If you ever wound up in Hollywood trying to make your living as a thespian, what charcters do you think you would be cast to play?
I would probably find myself in the middle-managment of evil. Sort of like an evil baron arranging for the kidnappng of the protagonist's wife, or(being half-Iraqian should help in this) a small-time terrorist, trying to blow up a mall.
Possibly an anti-hero in some Ken-Loach- style middle-class drama.
acting is just not for me. but if i were to try and go into that, i'm pretty sure i would play the eccentric nerd w/an offbeat sense of humor. kinda like ellen page in juno.
i could also be a heroine/idealist/crazy woman who sacrifices herself for her ideals and principles and can be rather headstrong.
and others, but i won't bore anyone by listing them all, lol.
cappysweetie, if i try to picture you as a character, i see you being a red-headed (no idea why 😛) scientist who is just starting a demanding career and is learning to spend more time on herself than her work.
with the friends that are always like, "i miss you, come out!" and she's just like, "i can't guys, i'm swamped 😢" hehe, and she meets a great guy who shows her how much she deserves in life and all that jazz
1. Hannibal the Cannibal. 2. The Nutty Professor. 3. Baron von Munchausen. 4. The Professor from Gilligan's Island. 5. Beethoven - when I've been outside on a windy day, my hair looks a lot like Gary Oldman's in Immortal Beloved.
What if your acting "career" was really going down the drain and you were forced to do pr0n. Who would you be casted as? The pool boy? Housewife? Intergalactic alien from the Zaron nebula?
I'd want to be the pool boy that gets seduced by a lonely housewife/milf.
hmmm, well, i've most often been compared to Chandler (of "Friends"). but, a more shy, introverted version.
although, i've always envisioned myself being some sort of police commisioner. or sharp shooter. the first detective called in to handle the hostage situation.
"SS.....that was my next movie all black leather and the CFM boots with whips/handcuffs attached to my hip"
I just want to kick the baddies in the face and stuff. Basically like Kate Beckinsale in Underworld. She was a vampire, though. I wonder if the CIA accepts vampires? I could do all the third shift work. 🙂
YEAH!!!!!! I've always been a night owl anyway. Chocolate, let's be a team!
"I think you'll find me an avid student."
lol Yum, you can give us our assignments like Charlie in Charlie's Angels. Only Chocolate and I are way cooler. And our script is far more interesting because we're vampires and we're hot. 🙂
"lol Yum, you can give us our assignments like Charlie in Charlie's Angels. Only Chocolate and I are way cooler. And our script is far more interesting because we're vampires and we're hot. "

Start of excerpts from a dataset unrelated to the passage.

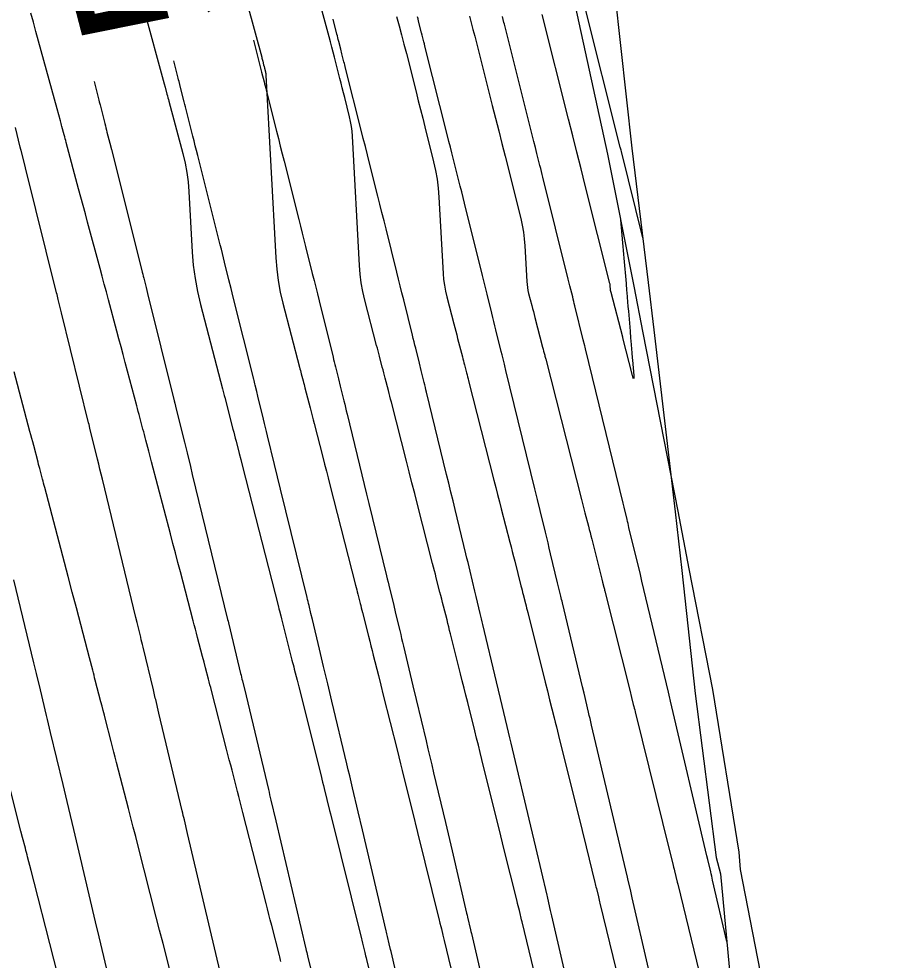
# Model space of a CAD drawing. Extents: x 954385 to 988206, y 1868364 to 1924553.
# Drawn here: x 957861.36 to 957893.29, y 1919732.7 to 1919766.99 of the extents above; entities that cross this region are included whole.
import ezdxf

# ---------------------------------------------------------------- set-up
doc = ezdxf.new("R2010")
doc.units = 0
for name, color, linetype in [('1', 7, 'Continuous'), ('Ex_Major Contours', 7, 'Continuous'), ('Ex_Minor Contours', 7, 'Continuous'), ('Perimeter', 7, 'Continuous')]:
    doc.layers.add(name, color=color, linetype=linetype)

msp = doc.modelspace()

# ---------------------------------------------------------------- linework, layer by layer
at = {"layer": '1'}
for points in [[(957883.067, 1919767.905), (957883.691, 1919762.286), (957884.291, 1919757.386), (957884.498, 1919755.658), (957885.272, 1919749.032), (957885.515, 1919746.896), (957886.001, 1919742.407), (957886.764, 1919736.439), (957886.924, 1919735.837), (957887.536, 1919729.205), (957887.922, 1919726.126), (957889.2, 1919716.164), (957890.519, 1919706.211), (957891.799, 1919696.25)], [(957884.091, 1919759.019), (957883.31, 1919762.16), (957883.297, 1919762.211), (957883.271, 1919762.314), (957881.94, 1919767.593)], [(957881.637, 1919730.583), (957880.777, 1919734.314), (957880.766, 1919734.363), (957880.754, 1919734.411), (957880.743, 1919734.46), (957880.732, 1919734.509), (957880.626, 1919734.96), (957880.614, 1919735.014), (957880.601, 1919735.067), (957880.191, 1919736.81), (957880.01, 1919737.579), (957879.348, 1919740.395), (957879.3, 1919740.599), (957879.252, 1919740.802), (957879.204, 1919741.006), (957879.155, 1919741.209), (957878.912, 1919742.226), (957878.767, 1919742.837), (957878.268, 1919744.926), (957878.244, 1919745.027), (957878.22, 1919745.129), (957878.195, 1919745.23), (957878.171, 1919745.332), (957878.024, 1919745.941), (957877.975, 1919746.144), (957877.799, 1919746.876), (957877.761, 1919747.031), (957877.724, 1919747.187), (957877.686, 1919747.343), (957877.648, 1919747.498), (957877.255, 1919749.112), (957877.177, 1919749.432), (957877.099, 1919749.753), (957877.02, 1919750.074), (957876.942, 1919750.395), (957876.213, 1919753.388), (957876.191, 1919753.477), (957876.169, 1919753.566), (957876.147, 1919753.654), (957876.126, 1919753.743), (957876.017, 1919754.186), (957875.951, 1919754.451), (957875.818, 1919754.99), (957875.789, 1919755.109), (957875.759, 1919755.228), (957875.73, 1919755.347), (957875.7, 1919755.466), (957875.381, 1919756.752), (957875.318, 1919757.006), (957875.254, 1919757.26), (957875.191, 1919757.514), (957875.128, 1919757.768), (957874.738, 1919759.338), (957874.663, 1919759.638), (957874.588, 1919759.938), (957874.513, 1919760.238), (957874.437, 1919760.538), (957874.135, 1919761.738), (957874.059, 1919762.038), (957873.984, 1919762.338), (957873.908, 1919762.638), (957873.833, 1919762.938), (957873.263, 1919765.196), (957873.248, 1919765.254), (957873.234, 1919765.312), (957873.219, 1919765.37), (957873.204, 1919765.427), (957873.131, 1919765.716), (957873.087, 1919765.89), (957873.015, 1919766.172), (957872.998, 1919766.238), (957872.981, 1919766.304), (957872.964, 1919766.37), (957872.948, 1919766.437), (957872.809, 1919766.976)], [(957884.892, 1919729.823), (957883.706, 1919734.964), (957883.692, 1919735.025), (957883.677, 1919735.087), (957883.663, 1919735.148), (957883.649, 1919735.21), (957883.543, 1919735.663), (957883.53, 1919735.719), (957883.251, 1919736.903), (957882.225, 1919741.265), (957882.198, 1919741.381), (957882.171, 1919741.496), (957882.143, 1919741.612), (957882.116, 1919741.727), (957881.95, 1919742.42), (957881.895, 1919742.651), (957881.164, 1919745.713), (957881.15, 1919745.774), (957881.135, 1919745.835), (957881.121, 1919745.896), (957881.106, 1919745.957), (957880.988, 1919746.445), (957880.733, 1919747.505), (957880.685, 1919747.702), (957880.638, 1919747.899), (957880.59, 1919748.096), (957880.542, 1919748.293), (957880.35, 1919749.081), (957880.254, 1919749.475), (957880.158, 1919749.869), (957879.107, 1919754.181), (957879.093, 1919754.239), (957879.079, 1919754.296), (957879.065, 1919754.354), (957879.051, 1919754.412), (957878.965, 1919754.757), (957878.937, 1919754.873), (957878.742, 1919755.662), (957878.705, 1919755.813), (957878.668, 1919755.964), (957878.63, 1919756.114), (957878.593, 1919756.265), (957878.418, 1919756.968), (957878.335, 1919757.303), (957878.252, 1919757.638), (957877.595, 1919760.278), (957877.544, 1919760.483), (957877.493, 1919760.687), (957877.442, 1919760.892), (957877.391, 1919761.096), (957877.185, 1919761.913), (957877.133, 1919762.117), (957877.082, 1919762.321), (957877.03, 1919762.526), (957876.979, 1919762.73), (957876.155, 1919765.995), (957876.135, 1919766.077), (957876.114, 1919766.158), (957876.052, 1919766.403), (957876.031, 1919766.484), (957875.924, 1919766.905), (957875.903, 1919766.988), (957875.882, 1919767.072)], [(957887.151, 1919733.376), (957886.635, 1919735.613), (957886.617, 1919735.688), (957886.6, 1919735.762), (957886.583, 1919735.837), (957886.566, 1919735.911), (957886.459, 1919736.369), (957886.429, 1919736.495), (957885.102, 1919742.135), (957885.089, 1919742.19), (957885.076, 1919742.245), (957885.024, 1919742.465), (957884.061, 1919746.501), (957884.046, 1919746.562), (957884.002, 1919746.745), (957883.587, 1919748.466), (957883.57, 1919748.539), (957883.552, 1919748.612), (957883.534, 1919748.685), (957883.517, 1919748.758), (957883.41, 1919749.197), (957883.374, 1919749.343), (957882.002, 1919754.974), (957881.988, 1919755.027), (957881.975, 1919755.081), (957881.923, 1919755.294), (957881.616, 1919756.538), (957881.596, 1919756.619), (957881.576, 1919756.699), (957881.556, 1919756.78), (957881.536, 1919756.861), (957881.436, 1919757.265), (957881.375, 1919757.508), (957880.452, 1919761.219), (957880.425, 1919761.328), (957880.398, 1919761.437), (957880.371, 1919761.545), (957880.344, 1919761.654), (957880.234, 1919762.088), (957880.18, 1919762.305), (957880.125, 1919762.522), (957879.047, 1919766.794), (957879.03, 1919766.865), (957878.975, 1919767.078)], [(957869.906, 1919766.22), (957870.056, 1919765.634), (957870.069, 1919765.585), (957870.081, 1919765.537), (957870.094, 1919765.488), (957870.106, 1919765.439), (957870.181, 1919765.146), (957870.206, 1919765.048), (957870.295, 1919764.697), (957870.314, 1919764.622), (957870.333, 1919764.547), (957870.352, 1919764.472), (957870.371, 1919764.397), (957870.748, 1919762.903), (957870.817, 1919762.628), (957870.886, 1919762.354), (957870.955, 1919762.08), (957871.024, 1919761.806), (957871.559, 1919759.681), (957871.621, 1919759.435), (957871.683, 1919759.189), (957871.745, 1919758.942), (957871.806, 1919758.696), (957872.051, 1919757.71), (957872.113, 1919757.464), (957872.174, 1919757.217), (957872.235, 1919756.971), (957872.296, 1919756.724), (957872.808, 1919754.668), (957872.829, 1919754.58), (957872.851, 1919754.492), (957872.873, 1919754.405), (957872.894, 1919754.317), (957873.003, 1919753.878), (957873.067, 1919753.615), (957873.201, 1919753.074), (957873.23, 1919752.954), (957873.26, 1919752.835), (957873.289, 1919752.715), (957873.318, 1919752.596), (957873.772, 1919750.732), (957873.858, 1919750.382), (957873.943, 1919750.031), (957874.028, 1919749.681), (957874.114, 1919749.331), (957874.754, 1919746.703), (957874.782, 1919746.589), (957874.81, 1919746.475), (957874.837, 1919746.36), (957874.865, 1919746.246), (957875.003, 1919745.674), (957875.085, 1919745.33), (957875.236, 1919744.706), (957875.27, 1919744.564), (957875.304, 1919744.422), (957875.338, 1919744.28), (957875.372, 1919744.138), (957875.718, 1919742.687), (957875.836, 1919742.192), (957876.194, 1919740.691), (957876.264, 1919740.4), (957876.333, 1919740.108), (957876.402, 1919739.817), (957876.471, 1919739.525), (957876.898, 1919737.707), (957877.14, 1919736.678), (957877.673, 1919734.415), (957877.691, 1919734.337), (957877.71, 1919734.258), (957877.815, 1919733.807), (957877.831, 1919733.736), (957877.848, 1919733.664), (957878.383, 1919731.344)], [(957875.261, 1919731.533), (957874.919, 1919733.015), (957874.903, 1919733.083), (957874.855, 1919733.289), (957874.793, 1919733.555), (957874.781, 1919733.607), (957874.769, 1919733.659), (957874.757, 1919733.712), (957874.744, 1919733.764), (957873.879, 1919737.444), (957873.724, 1919738.101), (957873.518, 1919738.976), (957873.466, 1919739.195), (957873.415, 1919739.414), (957873.363, 1919739.633), (957873.311, 1919739.852), (957872.766, 1919742.133), (957872.615, 1919742.766), (957872.464, 1919743.399), (957872.426, 1919743.557), (957872.388, 1919743.716), (957872.35, 1919743.874), (957872.312, 1919744.032), (957872.054, 1919745.104), (957872.001, 1919745.323), (957871.931, 1919745.616), (957871.913, 1919745.689), (957871.895, 1919745.762), (957871.878, 1919745.835), (957871.86, 1919745.908), (957870.897, 1919749.861), (957870.787, 1919750.31), (957870.678, 1919750.758), (957870.423, 1919751.803), (957870.387, 1919751.953), (957870.35, 1919752.104), (957870.313, 1919752.254), (957870.276, 1919752.405), (957870.067, 1919753.251), (957870.026, 1919753.42), (957869.97, 1919753.644), (957869.957, 1919753.7), (957869.943, 1919753.757), (957869.929, 1919753.813), (957869.915, 1919753.869), (957869.172, 1919756.858), (957869.093, 1919757.174), (957869.015, 1919757.49), (957868.857, 1919758.123), (957868.818, 1919758.281), (957868.778, 1919758.439), (957868.739, 1919758.597), (957868.699, 1919758.755), (957867.877, 1919762.018), (957867.832, 1919762.194), (957867.788, 1919762.371), (957867.743, 1919762.547), (957867.699, 1919762.724), (957867.478, 1919763.599), (957867.455, 1919763.69), (957867.432, 1919763.782), (957867.409, 1919763.874), (957867.385, 1919763.966), (957867.253, 1919764.486), (957867.197, 1919764.706), (957867.181, 1919764.769), (957867.165, 1919764.832), (957867.003, 1919765.464)], [(957864.1, 1919764.708), (957864.274, 1919764.029), (957864.288, 1919763.973), (957864.317, 1919763.86), (957864.491, 1919763.175), (957864.511, 1919763.096), (957864.531, 1919763.017), (957864.551, 1919762.939), (957864.571, 1919762.86), (957864.67, 1919762.466), (957864.73, 1919762.23), (957865.839, 1919757.83), (957865.856, 1919757.76), (957865.874, 1919757.69), (957865.891, 1919757.62), (957865.909, 1919757.55), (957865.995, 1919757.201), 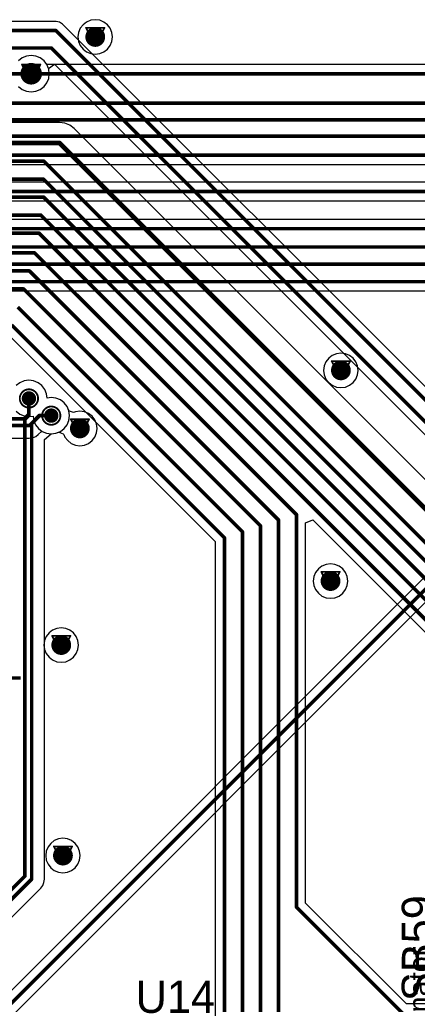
# Model space of a CAD drawing. Header units: millimetres. Extents: x 138 to 555, y 26 to 334.
# Tile 285 of 656: x 231 to 242, y 199 to 226. Entities that reach past the tile are written whole.
import ezdxf

# ---------------------------------------------------------------- set-up
doc = ezdxf.new("R2010")
doc.units = ezdxf.units.MM
for name, color, linetype in [('BottomLayer', 5, 'Continuous'), ('BottomOverlay', 54, 'Continuous'), ('DrillDrawing', 1, 'Continuous'), ('Mechanical27', 56, 'Continuous'), ('MidLayer1', 16, 'Continuous'), ('MidLayer2', 76, 'Continuous'), ('MidLayer3', 90, 'Continuous'), ('MidLayer4', 156, 'Continuous'), ('MultiLayer', 9, 'Continuous'), ('TopLayer', 1, 'Continuous'), ('TopOverlay', 2, 'Continuous'), ('ViaHoleLayer', 16, 'Continuous')]:
    doc.layers.add(name, color=color, linetype=linetype)

msp = doc.modelspace()

# ---------------------------------------------------------------- linework, layer by layer
at = {"layer": 'BottomLayer'}
for p, q in [((231.271, 225.12), (231.167, 225.04)), ((231.393, 225.17), (231.271, 225.12)), ((231.523, 225.188), (231.393, 225.17)), ((231.654, 225.17), (231.523, 225.188)), ((231.775, 225.12), (231.654, 225.17)), ((231.88, 225.04), (231.775, 225.12)), ((231.958, 224.938), (231.88, 225.04)), ((249.21, 224.938), (231.958, 224.938)), ((221.968, 222.165), (250.819, 222.165)), ((253.021, 221.668), (221.917, 221.668)), ((222.023, 221.158), (253.126, 221.158)), ((253.333, 220.636), (224.47, 220.636)), ((226.593, 218.656), (243.81, 218.656)), ((231.209, 216.103), (231.105, 216.023)), ((231.331, 216.154), (231.209, 216.103)), ((231.461, 216.171), (231.331, 216.154)), ((231.592, 216.154), (231.461, 216.171)), ((231.714, 216.103), (231.592, 216.154)), ((231.818, 216.023), (231.714, 216.103)), ((231.898, 215.919), (231.818, 216.023)), ((231.949, 215.797), (231.898, 215.919)), ((231.964, 215.679), (231.949, 215.797)), ((232.081, 215.694), (231.964, 215.679)), ((232.212, 215.677), (232.081, 215.694)), ((232.334, 215.627), (232.212, 215.677)), ((232.438, 215.547), (232.334, 215.627)), ((232.518, 215.442), (232.438, 215.547)), ((232.569, 215.32), (232.518, 215.442)), ((232.586, 215.19), (232.569, 215.32)), ((232.569, 215.059), (232.586, 215.19)), ((232.438, 214.833), (232.518, 214.938)), ((232.518, 214.938), (232.569, 215.059)), ((231.89, 214.524), (232.081, 214.686)), ((232.081, 214.686), (232.212, 214.703)), ((232.212, 214.703), (232.334, 214.753)), ((232.334, 214.753), (232.438, 214.833)), ((231.89, 202.321), (231.89, 214.524)), ((242.637, 210.896), (221.91, 190.169)), ((222.271, 189.809), (243.072, 210.611)), ((231.878, 202.23), (231.89, 202.321)), ((231.89, 202.321), (231.89, 202.321)), ((213.966, 184.25), (231.787, 202.071)), ((231.787, 202.071), (231.843, 202.145)), ((231.787, 202.071), (231.787, 202.071)), ((231.843, 202.145), (231.878, 202.23))]:
    msp.add_line(p, q, dxfattribs=at)
for points, const_width in [([(233.165, 225.704, 1), (233.44, 225.704, 1)], 0.275), ([(231.373, 224.683, 1), (231.673, 224.683, 1)], 0.3), ([(231.498, 224.683, 1), (231.548, 224.683, 1)], 0.05), ([(239.986, 216.447, 1), (240.261, 216.447, 1)], 0.275), ([(231.361, 215.667, 1), (231.561, 215.667, 1)], 0.2), ([(231.436, 215.667, 1), (231.486, 215.667, 1)], 0.05), ([(231.436, 215.2, 1), (231.486, 215.2, 1)], 0.05), ([(231.436, 215.2, 1), (231.486, 215.2, 1)], 0.05), ([(231.436, 215.2, 1), (231.486, 215.2, 1)], 0.05), ([(231.436, 215.2, 1), (231.486, 215.2, 1)], 0.05), ([(231.736, 215.19, 1), (231.786, 215.19, 1)], 0.05), ([(231.736, 215.19, 1), (231.786, 215.19, 1)], 0.05), ([(231.981, 215.19, 1), (232.181, 215.19, 1)], 0.2), ([(231.993, 215.297, 1), (232.043, 215.297, 1)], 0.05), ([(231.993, 215.297, 1), (232.043, 215.297, 1)], 0.05), ([(231.993, 215.251, 1), (232.043, 215.251, 1)], 0.05), ([(231.993, 215.251, 1), (232.043, 215.251, 1)], 0.05), ([(231.993, 215.251, 1), (232.043, 215.251, 1)], 0.05), ([(231.993, 215.251, 1), (232.043, 215.251, 1)], 0.05), ([(232.039, 215.251, 1), (232.089, 215.251, 1)], 0.05), ([(232.039, 215.251, 1), (232.089, 215.251, 1)], 0.05), ([(232.056, 215.19, 1), (232.106, 215.19, 1)], 0.05), ([(231.322, 215.086, 1), (231.372, 215.086, 1)], 0.05), ([(231.322, 215.086, 1), (231.372, 215.086, 1)], 0.05), ([(231.512, 214.966, 1), (231.562, 214.966, 1)], 0.05), ([(231.512, 214.966, 1), (231.562, 214.966, 1)], 0.05), ([(232.738, 214.835, 1), (233.013, 214.835, 1)], 0.275), ([(239.698, 210.597, 1), (239.973, 210.597, 1)], 0.275), ([(232.221, 208.821, 1), (232.496, 208.821, 1)], 0.275), ([(232.268, 202.975, 1), (232.543, 202.975, 1)], 0.275), ([(231.322, 202.4, 1), (231.372, 202.4, 1)], 0.05), ([(231.322, 202.4, 1), (231.372, 202.4, 1)], 0.05), ([(231.512, 202.321, 1), (231.562, 202.321, 1)], 0.05), ([(231.512, 202.321, 1), (231.562, 202.321, 1)], 0.05)]:
    msp.add_lwpolyline(points, format="xyb", close=True, dxfattribs=dict(at, const_width=const_width))
at = {"layer": 'BottomLayer', "const_width": 0.1}
for points in [[(231.523, 224.683), (249.316, 224.683)], [(221.58, 223.869), (249.225, 223.869)], [(221.689, 223.403), (249.415, 223.403)], [(221.818, 222.951), (250.713, 222.951)], [(221.862, 222.42), (250.819, 222.42)], [(221.917, 221.413), (253.126, 221.413)], [(224.47, 220.382), (253.439, 220.382)], [(226.071, 219.872), (260.144, 219.872)], [(226.169, 219.393), (258.362, 219.393)], [(226.488, 218.91), (260.056, 218.91)], [(231.461, 215.2), (231.461, 215.667)], [(231.347, 215.086), (231.461, 215.2)], [(231.461, 215.2), (231.461, 215.2)], [(231.537, 214.966), (231.761, 215.19)], [(231.761, 215.19), (232.081, 215.19)], [(232.018, 215.297), (232.064, 215.251)], [(232.018, 215.297), (232.018, 215.251)], [(232.018, 215.251), (232.064, 215.251)], [(232.018, 215.251), (232.018, 215.251)], [(231.347, 202.4), (231.347, 215.086)], [(231.537, 202.321), (231.537, 214.966)], [(221.783, 189.682), (242.892, 210.791)], [(213.637, 184.69), (231.347, 202.4)], [(213.716, 184.5), (231.537, 202.321)]]:
    msp.add_lwpolyline(points, dxfattribs=at)
at = {"layer": 'DrillDrawing', "const_width": 0.0508}
for points in [[(233.048, 225.958), (233.556, 225.958)], [(233.048, 225.958), (233.302, 225.45)], [(233.15, 225.857), (233.455, 225.857)], [(233.15, 225.857), (233.302, 225.552)], [(233.302, 225.45), (233.556, 225.958)], [(233.302, 225.552), (233.455, 225.857)], [(231.269, 224.937), (231.777, 224.937)], [(231.269, 224.937), (231.523, 224.429)], [(231.371, 224.836), (231.676, 224.836)], [(231.371, 224.836), (231.523, 224.531)], [(231.523, 224.429), (231.777, 224.937)], [(231.523, 224.531), (231.676, 224.836)], [(239.869, 216.701), (240.377, 216.701)], [(239.869, 216.701), (240.123, 216.193)], [(239.971, 216.599), (240.275, 216.599)], [(239.971, 216.599), (240.123, 216.294)], [(240.123, 216.193), (240.377, 216.701)], [(240.123, 216.294), (240.275, 216.599)], [(232.622, 215.089), (233.13, 215.089)], [(232.622, 215.089), (232.876, 214.581)], [(232.723, 214.988), (233.028, 214.988)], [(232.723, 214.988), (232.876, 214.683)], [(232.876, 214.581), (233.13, 215.089)], [(232.876, 214.683), (233.028, 214.988)], [(239.581, 210.851), (240.089, 210.851)], [(239.581, 210.851), (239.835, 210.343)], [(239.835, 210.343), (240.089, 210.851)], [(239.683, 210.75), (239.988, 210.75)], [(239.683, 210.75), (239.835, 210.445)], [(239.835, 210.445), (239.988, 210.75)], [(232.104, 209.075), (232.612, 209.075)], [(232.104, 209.075), (232.358, 208.567)], [(232.206, 208.973), (232.511, 208.973)], [(232.206, 208.973), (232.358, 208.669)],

Giving orders...to two hot ladies...in tight leather clothes...
Dracula is totally awsome, Siren, though it gave me quite a lot of goosebumps at night... by the way Siren, I would consider you are well suited to play any roles by winona ryder🙂
"I would consider you are well suited to play any roles by winona ryder"
lol I look absolutely nothing like Winona Ryder, but I would still love to play Jo in "Little Women". I was in the play in high school, but I got stuck with Meg. *glum*
I think you would play quite a nice fairy godmother, dolphin. Or Lilly in "Legend". Ever see that flick? It was before Tom Cruise went completely looney tunes (or else he was just hiding it REALLY well).
Unless they're hot...in which case we'll hypnotize them with our vamp eyes and keep them as slaves in the basement. Someone will have to make up our coffins each day and run the vacuum now and again. 🙂
"That's the thing I never got about vampires... they don't seem to crave sex anymore, do they? They just want the blood.."
It's different in different books, SH. Some authors' vamps (Like Anne Rice, for instance) have dead bodies, so sex organs no longer function and the bloodlust replaces everything else. Other authors' vamps are just regenerated with super powers, but still have functioning body parts, like Stefanie Meijer's vampires (my spelling may be wrong on her name..I've only read the first book in her series).
"JUST MAKE SURE IT'S SOUND PROOF, we dont want to neighbors to get to nosey."
Let's just make our headquarters a castle on a mountain somewhere. We can fly, after all, so it will be okay. lol Do you already have a slave in mind? Do tell! 🙂
I would probably find myself in the middle-managment of evil. Sort of like an evil baron arranging for the kidnappng of the protagonist's wife, or(being half-Iraqian should help in this) a small-time terrorist, trying to blow up a mall.
Possibly an anti-hero in some Ken-Loach- style middle-class drama.